■ **EXERCISE OBJECTIVE**
Apart from the pictures, every entry must be retyped exactly.

■ **MATERIAL PROVIDED**
* * * * * * * * *
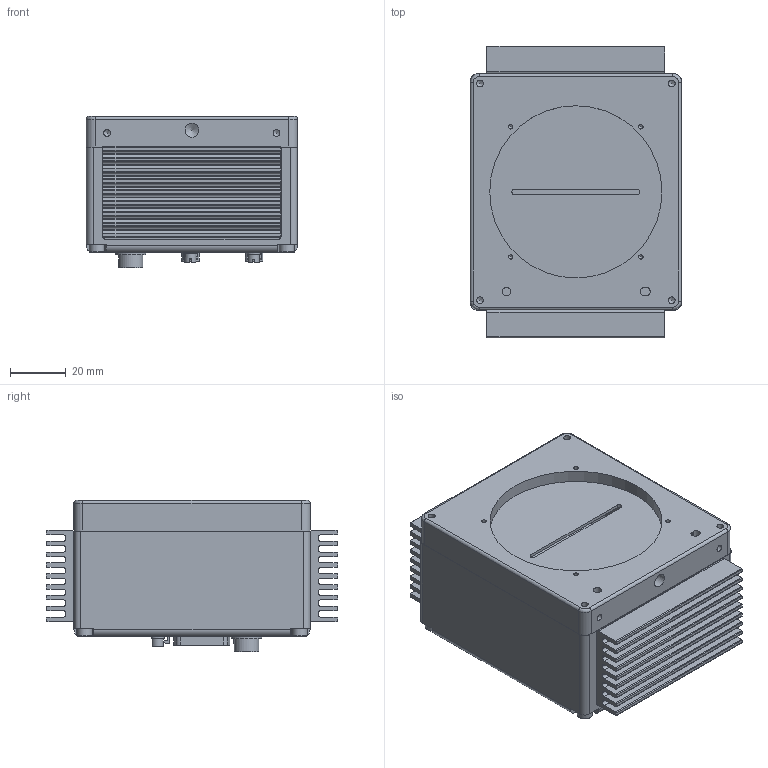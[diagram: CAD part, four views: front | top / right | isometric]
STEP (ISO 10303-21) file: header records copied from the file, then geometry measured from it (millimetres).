
FILE_DESCRIPTION((''),'2;1');
FILE_NAME('J:\MECH_ENG\PROJECTS\Leprechaun\MAJ_Leprechaun\Output\For Customer\Germany Request - Step file of 2k 4k cameras\LEPRECHAUN Camera Assembly 2k-4k step.stp','2008-03-28T14:41:05',('javed'),(''),'Autodesk Inventor 11','Autodesk Inventor 11','');
FILE_SCHEMA(('AUTOMOTIVE_DESIGN { 1 0 10303 214 1 1 1 1 }'));
Length unit declared in the file: millimetre
Products named in the file (15): LEPRECHAUN Camera Assy (MAJ); 03-006-20005-05 PN 60-00091-02-R Leprechaun Heatsink-Try00; 03-006-20100-06 PN 60-00139-05-R P2-Slim Rear Cover; Forged Socket Head Cap Screw (Regular Thread - Metric) M3x0.5 x 35; 60-00090-00-R Leprechaun Front Plate; j__docs_pre_pre_prod_03-13 artworks_00954-00 leprechaun interface board 59-gx-t413x-00-r_t413x-28.emn (MAJ); j__docs_pre_pre_prod_03-13 artworks_00954-00 leprechaun interface board 59-gx-t413x-00-r_t413x-28; Connector-MDR26-SMT; 55-00-00600-0000 Hirose Connector; HIROSE NUT; HIROSE WASHER; Light_pipe; 63-00-00008-000000 M2.5 MDR Screw; SERIAL LABEL; Dalsa Label
Assembly tree (21 placements, depth 3):
  LEPRECHAUN Camera Assy (MAJ)
    03-006-20005-05 PN 60-00091-02-R Leprechaun Heatsink-Try00
    03-006-20100-06 PN 60-00139-05-R P2-Slim Rear Cover
    Forged Socket Head Cap Screw (Regular Thread - Metric) M3x0.5 x 35  x4
    60-00090-00-R Leprechaun Front Plate
    j__docs_pre_pre_prod_03-13 artworks_00954-00 leprechaun interface board 59-gx-t413x-00-r_t413x-28.emn (MAJ)
      j__docs_pre_pre_prod_03-13 artworks_00954-00 leprechaun interface board 59-gx-t413x-00-r_t413x-28
      Connector-MDR26-SMT  x2
    55-00-00600-0000 Hirose Connector
    HIROSE NUT
    HIROSE WASHER
    Light_pipe
    63-00-00008-000000 M2.5 MDR Screw  x4
    SERIAL LABEL
    Dalsa Label
Bounding box: 76.11 x 105 x 54.45 mm (x, y, z)
Volume: 134938.4 mm3; surface area: 110920 mm2
Topology: 20 solids, 20 shells, 2768 faces, 7297 edges, 4845 vertices
Faces by surface type: plane 2120, cylinder 359, bspline 244, cone 37, torus 8
Full cylindrical faces by diameter (mm): 0.45 x2, 0.5 x6, 0.6 x2, 2.013 x8, 2.1 x4, 2.2 x4, 2.36 x4, 2.459 x10, 2.8 x4, 3 x7, 3.2 x1, 3.4 x4, 3.5 x4, 4.04 x4, 4.72 x4, 5.5 x5, 7.3 x2, 7.8 x1, 8.5 x1, 8.78 x1, 10.95 x1, 10.97 x1, 11.2 x1, 62 x1
Entity records: 74635 total; most frequent: CARTESIAN_POINT 16468, ORIENTED_EDGE 12252, DIRECTION 10916, EDGE_CURVE 6126, VECTOR 5004, LINE 5004, VERTEX_POINT 4136, AXIS2_PLACEMENT_3D 2956
* * * * * * * * *
■ **RESULT BELOW**
[diagram: CAD part, four views: front | top / right | isometric]
STEP (ISO 10303-21) file: header records copied from the file, then geometry measured from it (millimetres).
FILE_DESCRIPTION((''),'2;1');
FILE_NAME('J:\MECH_ENG\PROJECTS\Leprechaun\MAJ_Leprechaun\Output\For Customer\Germany Request - Step file of 2k 4k cameras\LEPRECHAUN Camera Assembly 2k-4k step.stp','2008-03-28T14:41:05',('javed'),(''),'Autodesk Inventor 11','Autodesk Inventor 11','');
FILE_SCHEMA(('AUTOMOTIVE_DESIGN { 1 0 10303 214 1 1 1 1 }'));
Length unit declared in the file: millimetre
Products named in the file (15): LEPRECHAUN Camera Assy (MAJ); 03-006-20005-05 PN 60-00091-02-R Leprechaun Heatsink-Try00; 03-006-20100-06 PN 60-00139-05-R P2-Slim Rear Cover; Forged Socket Head Cap Screw (Regular Thread - Metric) M3x0.5 x 35; 60-00090-00-R Leprechaun Front Plate; j__docs_pre_pre_prod_03-13 artworks_00954-00 leprechaun interface board 59-gx-t413x-00-r_t413x-28.emn (MAJ); j__docs_pre_pre_prod_03-13 artworks_00954-00 leprechaun interface board 59-gx-t413x-00-r_t413x-28; Connector-MDR26-SMT; 55-00-00600-0000 Hirose Connector; HIROSE NUT; HIROSE WASHER; Light_pipe; 63-00-00008-000000 M2.5 MDR Screw; SERIAL LABEL; Dalsa Label
Assembly tree (21 placements, depth 3):
  LEPRECHAUN Camera Assy (MAJ)
    03-006-20005-05 PN 60-00091-02-R Leprechaun Heatsink-Try00
    03-006-20100-06 PN 60-00139-05-R P2-Slim Rear Cover
    Forged Socket Head Cap Screw (Regular Thread - Metric) M3x0.5 x 35  x4
    60-00090-00-R Leprechaun Front Plate
    j__docs_pre_pre_prod_03-13 artworks_00954-00 leprechaun interface board 59-gx-t413x-00-r_t413x-28.emn (MAJ)
      j__docs_pre_pre_prod_03-13 artworks_00954-00 leprechaun interface board 59-gx-t413x-00-r_t413x-28
      Connector-MDR26-SMT  x2
    55-00-00600-0000 Hirose Connector
    HIROSE NUT
    HIROSE WASHER
    Light_pipe
    63-00-00008-000000 M2.5 MDR Screw  x4
    SERIAL LABEL
    Dalsa Label
Bounding box: 76.11 x 105 x 54.45 mm (x, y, z)
Volume: 134938.4 mm3; surface area: 110920 mm2
Topology: 20 solids, 20 shells, 2768 faces, 7297 edges, 4845 vertices
Faces by surface type: plane 2120, cylinder 359, bspline 244, cone 37, torus 8
Full cylindrical faces by diameter (mm): 0.45 x2, 0.5 x6, 0.6 x2, 2.013 x8, 2.1 x4, 2.2 x4, 2.36 x4, 2.459 x10, 2.8 x4, 3 x7, 3.2 x1, 3.4 x4, 3.5 x4, 4.04 x4, 4.72 x4, 5.5 x5, 7.3 x2, 7.8 x1, 8.5 x1, 8.78 x1, 10.95 x1, 10.97 x1, 11.2 x1, 62 x1
Entity records: 74635 total; most frequent: CARTESIAN_POINT 16468, ORIENTED_EDGE 12252, DIRECTION 10916, EDGE_CURVE 6126, VECTOR 5004, LINE 5004, VERTEX_POINT 4136, AXIS2_PLACEMENT_3D 2956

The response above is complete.